Endocrine Abstracts

Introduction : Thyrotoxicosis is usually caused by an overproduction of thyroid hormones due to conditions such as Graves’ disease or thyroid nodules, or by an inflammation of the thyroid gland. We present a rare case in which both the pituitary and thyroid gland were intrinsically normal, yet endogenous severe hyperthyroidism ensued.

Case presentation: A 36-year-old female was referred by the gynecologist for evaluation of a worsening and unexplained thyrotoxicosis, diagnosed 11 weeks prior to her presentation to the emergency department with hematuria and urinary retention, caused by a pelvic mass. Her medical history is significant for endometriosis and a complete molar pregnancy, treated with two lines of chemotherapy (methotrexate and actinomycin D) eight years prior. Hormonal evaluation revealed a severe thyrotoxicosis (Table 1), previously not responding to a short course of thyrostatics (methimazole 30 mg daily) and later to therapy with corticosteroids (methylprednisolone 32 mg daily, tapered to 12 mg over 4 weeks). This treatment had been instituted as initially the presentation with a sore throat suggested a diagnosis of viral thyroiditis, especially in the absence of TSH-receptor and thyroid peroxidase antibodies and a normal thyroid ultrasound. Nevertheless, as her condition deteriorated, additional scintigraphic imaging revealed a homogenous high technetium uptake, which shifted the diagnosis back to antibody-negative Graves’ disease and methimazole was recommenced one week before referral. Further investigation identified the pelvic mass as malignant gestational trophoblastic disease (malignant GTD), characterized by high human chorionic gonadotropin (hCG) levels produced by syncytiotrophoblastic cells, that are monitored as key tumor marker to assess therapeutic efficacy. At high doses, hCG cross-reacts with the TSH receptor, causing hyperthyroidism with high isotope uptake, similar to Graves’. Initial hCG levels were only 6.769 IU/l, a level similar to those seen in the second month of pregnancy, but unexpectedly rose to >1.000.000 IU/l upon initiating chemotherapy. This paradoxical increase could be attributed to the “high-dose hook” effect, a phenomenon where extremely high analyte levels saturate both capture and detection antibodies in immunoassays, leading to falsely low or undetectable results. Diluting the prechemotherapy sample confirmed that hCG levels at diagnosis were much higher (hCG 2.883.000 IU/l). As chemotherapy progressed, hCG levels decreased, accompanied by an improvement in thyroid function and resolution of thyrotoxicosis (Table 1).
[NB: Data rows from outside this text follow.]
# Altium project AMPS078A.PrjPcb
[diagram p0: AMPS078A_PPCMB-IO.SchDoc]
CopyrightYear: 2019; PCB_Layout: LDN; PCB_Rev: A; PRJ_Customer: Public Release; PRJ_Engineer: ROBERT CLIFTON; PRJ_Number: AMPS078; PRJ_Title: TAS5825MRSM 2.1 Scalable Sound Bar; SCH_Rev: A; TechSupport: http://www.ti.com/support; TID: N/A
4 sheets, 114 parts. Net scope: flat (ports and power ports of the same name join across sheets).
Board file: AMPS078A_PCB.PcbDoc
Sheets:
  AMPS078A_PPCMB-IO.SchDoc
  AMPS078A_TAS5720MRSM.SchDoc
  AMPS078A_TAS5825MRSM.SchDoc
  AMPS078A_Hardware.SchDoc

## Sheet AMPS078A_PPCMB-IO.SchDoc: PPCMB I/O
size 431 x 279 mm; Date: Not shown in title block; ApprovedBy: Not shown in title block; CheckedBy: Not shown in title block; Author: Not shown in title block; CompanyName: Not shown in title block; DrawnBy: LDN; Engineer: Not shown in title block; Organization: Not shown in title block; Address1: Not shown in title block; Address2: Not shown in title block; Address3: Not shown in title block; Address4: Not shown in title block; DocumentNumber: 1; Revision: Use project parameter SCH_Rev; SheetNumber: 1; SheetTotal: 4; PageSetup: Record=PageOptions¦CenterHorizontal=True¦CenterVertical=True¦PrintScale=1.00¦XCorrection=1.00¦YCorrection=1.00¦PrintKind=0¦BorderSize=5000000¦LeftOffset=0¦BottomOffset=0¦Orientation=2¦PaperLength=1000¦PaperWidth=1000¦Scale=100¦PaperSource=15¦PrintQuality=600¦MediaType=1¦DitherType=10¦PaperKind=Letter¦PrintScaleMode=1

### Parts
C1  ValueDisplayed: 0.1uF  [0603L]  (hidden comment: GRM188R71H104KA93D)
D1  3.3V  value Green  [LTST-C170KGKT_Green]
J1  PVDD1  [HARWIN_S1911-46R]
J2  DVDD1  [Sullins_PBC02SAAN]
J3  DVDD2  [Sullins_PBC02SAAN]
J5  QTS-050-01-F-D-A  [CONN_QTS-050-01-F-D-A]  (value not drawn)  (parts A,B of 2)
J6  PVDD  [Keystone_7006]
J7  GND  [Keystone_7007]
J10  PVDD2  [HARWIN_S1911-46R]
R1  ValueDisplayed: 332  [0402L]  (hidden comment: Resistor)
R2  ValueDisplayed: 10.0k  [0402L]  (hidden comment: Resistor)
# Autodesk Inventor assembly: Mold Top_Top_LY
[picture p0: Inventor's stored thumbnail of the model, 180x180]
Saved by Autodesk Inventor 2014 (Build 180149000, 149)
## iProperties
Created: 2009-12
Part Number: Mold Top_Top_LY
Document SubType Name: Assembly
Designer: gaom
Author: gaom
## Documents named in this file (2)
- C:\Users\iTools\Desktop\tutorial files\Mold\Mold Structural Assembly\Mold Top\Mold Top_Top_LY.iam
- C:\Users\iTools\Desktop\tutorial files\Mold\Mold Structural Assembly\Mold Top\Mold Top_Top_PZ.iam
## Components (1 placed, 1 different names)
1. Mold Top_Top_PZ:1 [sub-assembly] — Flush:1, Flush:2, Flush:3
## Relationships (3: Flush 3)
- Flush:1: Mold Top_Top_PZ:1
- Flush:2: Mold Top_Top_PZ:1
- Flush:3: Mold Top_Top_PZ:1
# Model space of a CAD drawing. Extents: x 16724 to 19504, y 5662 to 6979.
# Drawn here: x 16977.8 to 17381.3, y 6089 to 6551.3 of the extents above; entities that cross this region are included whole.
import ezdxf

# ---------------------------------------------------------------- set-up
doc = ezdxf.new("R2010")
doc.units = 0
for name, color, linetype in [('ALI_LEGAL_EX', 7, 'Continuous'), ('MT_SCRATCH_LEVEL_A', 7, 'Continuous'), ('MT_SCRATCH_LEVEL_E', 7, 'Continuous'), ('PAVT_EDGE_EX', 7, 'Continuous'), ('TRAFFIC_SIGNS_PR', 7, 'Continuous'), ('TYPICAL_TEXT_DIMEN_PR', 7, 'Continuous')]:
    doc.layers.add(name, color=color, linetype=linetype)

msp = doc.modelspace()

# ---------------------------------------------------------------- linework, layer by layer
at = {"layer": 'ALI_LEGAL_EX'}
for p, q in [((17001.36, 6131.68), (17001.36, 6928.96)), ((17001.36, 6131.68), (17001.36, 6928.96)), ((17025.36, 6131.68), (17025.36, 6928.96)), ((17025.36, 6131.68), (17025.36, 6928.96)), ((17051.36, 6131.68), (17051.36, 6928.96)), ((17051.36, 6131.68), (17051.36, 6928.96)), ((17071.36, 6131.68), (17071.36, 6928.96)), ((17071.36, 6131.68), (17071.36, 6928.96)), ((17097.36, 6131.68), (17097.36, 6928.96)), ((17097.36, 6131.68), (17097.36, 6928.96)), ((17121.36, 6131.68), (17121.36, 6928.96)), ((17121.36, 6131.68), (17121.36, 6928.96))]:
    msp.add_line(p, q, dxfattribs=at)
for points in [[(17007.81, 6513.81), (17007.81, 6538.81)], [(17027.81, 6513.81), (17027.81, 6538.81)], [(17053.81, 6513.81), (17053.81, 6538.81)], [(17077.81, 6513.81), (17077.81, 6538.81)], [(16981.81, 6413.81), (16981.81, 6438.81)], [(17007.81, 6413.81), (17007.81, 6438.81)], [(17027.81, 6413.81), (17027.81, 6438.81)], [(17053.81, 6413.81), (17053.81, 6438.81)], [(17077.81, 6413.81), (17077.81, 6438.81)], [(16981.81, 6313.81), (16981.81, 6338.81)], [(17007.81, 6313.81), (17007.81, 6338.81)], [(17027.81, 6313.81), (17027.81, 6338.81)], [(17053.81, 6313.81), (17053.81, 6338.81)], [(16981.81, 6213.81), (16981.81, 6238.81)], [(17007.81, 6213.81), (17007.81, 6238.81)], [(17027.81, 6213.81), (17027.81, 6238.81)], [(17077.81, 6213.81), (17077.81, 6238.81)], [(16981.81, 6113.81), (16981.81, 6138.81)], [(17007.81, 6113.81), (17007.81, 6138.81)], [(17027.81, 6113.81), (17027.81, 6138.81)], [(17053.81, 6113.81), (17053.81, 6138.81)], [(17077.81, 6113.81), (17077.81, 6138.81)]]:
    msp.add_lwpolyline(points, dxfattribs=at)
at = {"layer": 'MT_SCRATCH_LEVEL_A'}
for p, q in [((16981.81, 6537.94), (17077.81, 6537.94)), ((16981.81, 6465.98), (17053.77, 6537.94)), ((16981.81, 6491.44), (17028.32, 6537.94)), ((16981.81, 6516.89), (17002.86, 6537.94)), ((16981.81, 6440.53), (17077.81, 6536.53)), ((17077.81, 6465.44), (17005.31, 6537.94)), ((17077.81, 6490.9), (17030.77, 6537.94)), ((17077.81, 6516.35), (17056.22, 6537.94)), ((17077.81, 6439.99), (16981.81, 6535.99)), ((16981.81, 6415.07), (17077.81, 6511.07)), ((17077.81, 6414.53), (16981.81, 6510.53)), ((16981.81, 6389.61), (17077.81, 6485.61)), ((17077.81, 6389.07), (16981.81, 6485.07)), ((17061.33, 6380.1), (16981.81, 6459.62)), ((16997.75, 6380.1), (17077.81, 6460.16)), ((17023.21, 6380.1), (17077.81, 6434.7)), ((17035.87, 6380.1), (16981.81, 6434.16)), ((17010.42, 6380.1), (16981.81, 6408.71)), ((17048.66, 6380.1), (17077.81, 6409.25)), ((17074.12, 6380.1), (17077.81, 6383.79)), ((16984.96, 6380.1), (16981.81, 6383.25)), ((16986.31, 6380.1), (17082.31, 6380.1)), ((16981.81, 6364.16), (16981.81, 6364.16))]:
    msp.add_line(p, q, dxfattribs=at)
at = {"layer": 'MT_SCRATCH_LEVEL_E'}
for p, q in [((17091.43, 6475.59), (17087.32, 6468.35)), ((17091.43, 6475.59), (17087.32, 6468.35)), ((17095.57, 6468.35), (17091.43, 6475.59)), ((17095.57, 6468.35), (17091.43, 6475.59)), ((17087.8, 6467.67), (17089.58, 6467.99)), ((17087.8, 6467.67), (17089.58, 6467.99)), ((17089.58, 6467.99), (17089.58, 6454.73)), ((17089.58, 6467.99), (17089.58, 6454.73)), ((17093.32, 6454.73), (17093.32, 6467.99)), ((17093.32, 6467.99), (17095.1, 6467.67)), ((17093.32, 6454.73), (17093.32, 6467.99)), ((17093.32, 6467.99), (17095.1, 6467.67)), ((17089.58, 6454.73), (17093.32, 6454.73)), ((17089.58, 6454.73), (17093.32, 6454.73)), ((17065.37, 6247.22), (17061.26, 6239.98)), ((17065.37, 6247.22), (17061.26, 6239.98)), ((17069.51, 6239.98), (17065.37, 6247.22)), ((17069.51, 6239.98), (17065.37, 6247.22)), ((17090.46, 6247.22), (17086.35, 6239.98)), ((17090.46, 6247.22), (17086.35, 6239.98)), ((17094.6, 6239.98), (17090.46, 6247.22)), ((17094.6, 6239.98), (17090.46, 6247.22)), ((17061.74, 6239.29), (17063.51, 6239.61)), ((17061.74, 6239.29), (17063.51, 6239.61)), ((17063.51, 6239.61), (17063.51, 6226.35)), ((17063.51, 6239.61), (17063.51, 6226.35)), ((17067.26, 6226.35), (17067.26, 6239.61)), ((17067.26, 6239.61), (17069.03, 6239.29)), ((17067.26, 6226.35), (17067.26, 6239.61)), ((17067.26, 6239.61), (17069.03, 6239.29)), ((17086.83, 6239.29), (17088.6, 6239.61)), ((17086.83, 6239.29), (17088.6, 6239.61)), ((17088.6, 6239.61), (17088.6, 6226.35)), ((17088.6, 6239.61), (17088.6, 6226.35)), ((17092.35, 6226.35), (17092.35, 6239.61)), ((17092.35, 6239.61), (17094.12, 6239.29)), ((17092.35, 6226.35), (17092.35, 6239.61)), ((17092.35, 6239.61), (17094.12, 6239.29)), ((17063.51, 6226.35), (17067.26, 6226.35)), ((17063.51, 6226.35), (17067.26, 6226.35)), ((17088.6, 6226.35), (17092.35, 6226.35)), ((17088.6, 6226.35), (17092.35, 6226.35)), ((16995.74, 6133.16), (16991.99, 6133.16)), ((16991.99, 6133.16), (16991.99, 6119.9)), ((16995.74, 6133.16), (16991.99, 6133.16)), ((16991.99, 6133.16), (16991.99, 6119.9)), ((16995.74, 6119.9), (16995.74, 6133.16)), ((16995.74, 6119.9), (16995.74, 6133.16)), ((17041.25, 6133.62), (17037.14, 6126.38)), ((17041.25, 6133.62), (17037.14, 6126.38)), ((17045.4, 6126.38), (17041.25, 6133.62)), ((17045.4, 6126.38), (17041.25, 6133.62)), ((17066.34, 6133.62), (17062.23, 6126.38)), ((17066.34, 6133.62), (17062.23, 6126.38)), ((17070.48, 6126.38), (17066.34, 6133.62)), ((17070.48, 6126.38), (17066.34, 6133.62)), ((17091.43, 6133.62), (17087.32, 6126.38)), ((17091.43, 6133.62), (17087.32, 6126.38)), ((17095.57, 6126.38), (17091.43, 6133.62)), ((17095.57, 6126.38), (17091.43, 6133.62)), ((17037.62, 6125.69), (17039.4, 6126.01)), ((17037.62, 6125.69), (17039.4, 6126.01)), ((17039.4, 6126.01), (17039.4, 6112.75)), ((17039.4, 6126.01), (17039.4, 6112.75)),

Table 1. Evolution of thyroid function tests over time (week 0 is at referral).

Conclusion: This case highlights the impact of hCG on thyroid function, attributable to its structural similarities to TSH, allowing hCG to weakly bind to TSH receptors and stimulate thyroid activity if present in high levels. Although rare, it might be worthwhile measuring hCG in cases of unexplained thyrotoxicosis. Furthermore, even when using current hCG immunoassays, in situations of clinically expected extremely elevated hCG levels, the high-dose hook effect must be considered, as it can lead to falsely low results. This phenomenon is critical to recognize when interpreting immunoassay results in similar clinical contexts.Table 1. Evolution of thyroid function tests over time (week 0 is at referral).As hCG levels decline, the thyroid function gradually improves so that ultimately methimazole can be discontinued while maintaining normalized thyroid function.Abbreviations: hCG: human chorionic gonadotropin. The initial undiluted hCG value (in parentheses) is affected by the high-dose hook effect; * same sample after dilution; Medrol: methylprednisolone; MMI: methimazole; T3: triiodothyronine (3.1-6.8); T4: thyroxine (11.9-21.6) ; TSH: thyroid-stimulating hormone (0.27-4.2).